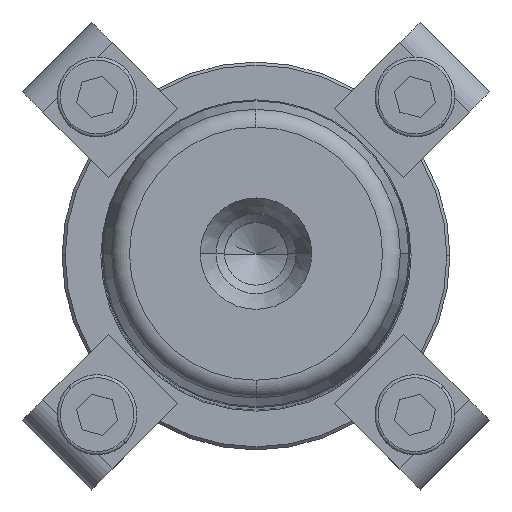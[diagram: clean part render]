
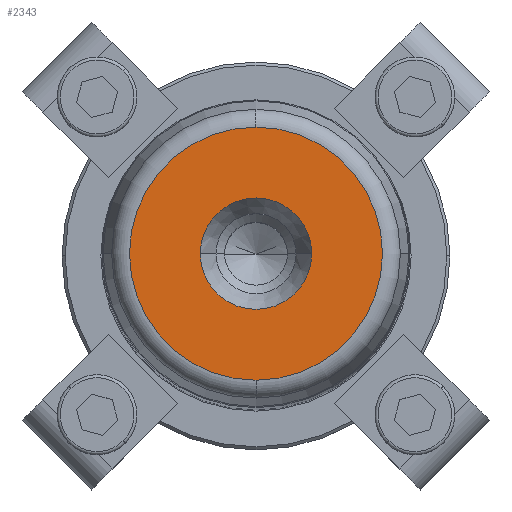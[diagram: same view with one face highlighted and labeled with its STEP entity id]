
A CAD part, top view. The second image highlights one B-rep face of the part: STEP entity #2343.
In plain terms, the highlighted planar face has unit normal (0, 0, 1).
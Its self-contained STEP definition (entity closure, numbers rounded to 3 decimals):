
#431=CARTESIAN_POINT('',(9.05,0.,220.0));
#432=VERTEX_POINT('',#431);
#439=CARTESIAN_POINT('',(-9.05,0.,220.0));
#440=VERTEX_POINT('',#439);
#441=CARTESIAN_POINT('',(0.0,0.,220.0));
#442=DIRECTION('',(0.0,0.0,1.0));
#443=DIRECTION('',(1.0,0.0,0.0));
#444=AXIS2_PLACEMENT_3D('',#441,#442,#443);
#445=CIRCLE('',#444,9.05);
#446=EDGE_CURVE('',#432,#440,#445,.T.);
#463=CARTESIAN_POINT('',(0.0,-20.554,220.0));
#464=VERTEX_POINT('',#463);
#474=CARTESIAN_POINT('',(0.,20.554,220.0));
#475=VERTEX_POINT('',#474);
#476=CARTESIAN_POINT('',(0.0,0.,220.0));
#477=DIRECTION('',(0.0,0.0,1.0));
#478=DIRECTION('',(1.0,0.0,0.0));
#479=AXIS2_PLACEMENT_3D('',#476,#477,#478);
#480=CIRCLE('',#479,20.554);
#481=EDGE_CURVE('',#475,#464,#480,.T.);
#2304=CARTESIAN_POINT('',(20.554,0.,220.0));
#2305=VERTEX_POINT('',#2304);
#2306=CARTESIAN_POINT('',(0.0,0.,220.0));
#2307=DIRECTION('',(0.0,0.0,1.0));
#2308=DIRECTION('',(1.0,0.0,0.0));
#2309=AXIS2_PLACEMENT_3D('',#2306,#2307,#2308);
#2310=CIRCLE('',#2309,20.554);
#2311=EDGE_CURVE('',#2305,#475,#2310,.T.);
#2313=CARTESIAN_POINT('',(0.0,0.,220.0));
#2314=DIRECTION('',(0.0,0.0,1.0));
#2315=DIRECTION('',(1.0,0.0,0.0));
#2316=AXIS2_PLACEMENT_3D('',#2313,#2314,#2315);
#2317=CIRCLE('',#2316,20.554);
#2318=EDGE_CURVE('',#464,#2305,#2317,.T.);
#2323=CARTESIAN_POINT('',(14.802,0.,220.0));
#2324=DIRECTION('',(0.0,0.0,1.0));
#2325=DIRECTION('',(0.0,-1.0,0.0));
#2326=AXIS2_PLACEMENT_3D('',#2323,#2324,#2325);
#2327=PLANE('',#2326);
#2328=ORIENTED_EDGE('',*,*,#2311,.T.);
#2329=ORIENTED_EDGE('',*,*,#481,.T.);
#2330=ORIENTED_EDGE('',*,*,#2318,.T.);
#2331=EDGE_LOOP('',(#2328,#2329,#2330));
#2332=FACE_OUTER_BOUND('',#2331,.T.);
#2333=ORIENTED_EDGE('',*,*,#446,.F.);
#2334=CARTESIAN_POINT('',(0.0,0.,220.0));
#2335=DIRECTION('',(0.0,0.0,1.0));
#2336=DIRECTION('',(1.0,0.0,0.0));
#2337=AXIS2_PLACEMENT_3D('',#2334,#2335,#2336);
#2338=CIRCLE('',#2337,9.05);
#2339=EDGE_CURVE('',#440,#432,#2338,.T.);
#2340=ORIENTED_EDGE('',*,*,#2339,.F.);
#2341=EDGE_LOOP('',(#2333,#2340));
#2342=FACE_BOUND('',#2341,.T.);
#2343=ADVANCED_FACE('',(#2332,#2342),#2327,.T.);

--------------------------------

▸ **TASK GOAL**: Go through the data and return every word of it verbatim, leaving out the pictures.

▸ **RESULT OF THIS EXERCISE**:
[diagram: clean part render]
[diagram: same view with one face highlighted and labeled with its STEP entity id]
A CAD part, top view. The second image highlights one B-rep face of the part: STEP entity #2343.
In plain terms, the highlighted planar face has unit normal (0, 0, 1).
Its self-contained STEP definition (entity closure, numbers rounded to 3 decimals):
#431=CARTESIAN_POINT('',(9.05,0.,220.0));
#432=VERTEX_POINT('',#431);
#439=CARTESIAN_POINT('',(-9.05,0.,220.0));
#440=VERTEX_POINT('',#439);
#441=CARTESIAN_POINT('',(0.0,0.,220.0));
#442=DIRECTION('',(0.0,0.0,1.0));
#443=DIRECTION('',(1.0,0.0,0.0));
#444=AXIS2_PLACEMENT_3D('',#441,#442,#443);
#445=CIRCLE('',#444,9.05);
#446=EDGE_CURVE('',#432,#440,#445,.T.);
#463=CARTESIAN_POINT('',(0.0,-20.554,220.0));
#464=VERTEX_POINT('',#463);
#474=CARTESIAN_POINT('',(0.,20.554,220.0));
#475=VERTEX_POINT('',#474);
#476=CARTESIAN_POINT('',(0.0,0.,220.0));
#477=DIRECTION('',(0.0,0.0,1.0));
#478=DIRECTION('',(1.0,0.0,0.0));
#479=AXIS2_PLACEMENT_3D('',#476,#477,#478);
#480=CIRCLE('',#479,20.554);
#481=EDGE_CURVE('',#475,#464,#480,.T.);
#2304=CARTESIAN_POINT('',(20.554,0.,220.0));
#2305=VERTEX_POINT('',#2304);
#2306=CARTESIAN_POINT('',(0.0,0.,220.0));
#2307=DIRECTION('',(0.0,0.0,1.0));
#2308=DIRECTION('',(1.0,0.0,0.0));
#2309=AXIS2_PLACEMENT_3D('',#2306,#2307,#2308);
#2310=CIRCLE('',#2309,20.554);
#2311=EDGE_CURVE('',#2305,#475,#2310,.T.);
#2313=CARTESIAN_POINT('',(0.0,0.,220.0));
#2314=DIRECTION('',(0.0,0.0,1.0));
#2315=DIRECTION('',(1.0,0.0,0.0));
#2316=AXIS2_PLACEMENT_3D('',#2313,#2314,#2315);
#2317=CIRCLE('',#2316,20.554);
#2318=EDGE_CURVE('',#464,#2305,#2317,.T.);
#2323=CARTESIAN_POINT('',(14.802,0.,220.0));
#2324=DIRECTION('',(0.0,0.0,1.0));
#2325=DIRECTION('',(0.0,-1.0,0.0));
#2326=AXIS2_PLACEMENT_3D('',#2323,#2324,#2325);
#2327=PLANE('',#2326);
#2328=ORIENTED_EDGE('',*,*,#2311,.T.);
#2329=ORIENTED_EDGE('',*,*,#481,.T.);
#2330=ORIENTED_EDGE('',*,*,#2318,.T.);
#2331=EDGE_LOOP('',(#2328,#2329,#2330));
#2332=FACE_OUTER_BOUND('',#2331,.T.);
#2333=ORIENTED_EDGE('',*,*,#446,.F.);
#2334=CARTESIAN_POINT('',(0.0,0.,220.0));
#2335=DIRECTION('',(0.0,0.0,1.0));
#2336=DIRECTION('',(1.0,0.0,0.0));
#2337=AXIS2_PLACEMENT_3D('',#2334,#2335,#2336);
#2338=CIRCLE('',#2337,9.05);
#2339=EDGE_CURVE('',#440,#432,#2338,.T.);
#2340=ORIENTED_EDGE('',*,*,#2339,.F.);
#2341=EDGE_LOOP('',(#2333,#2340));
#2342=FACE_BOUND('',#2341,.T.);
#2343=ADVANCED_FACE('',(#2332,#2342),#2327,.T.);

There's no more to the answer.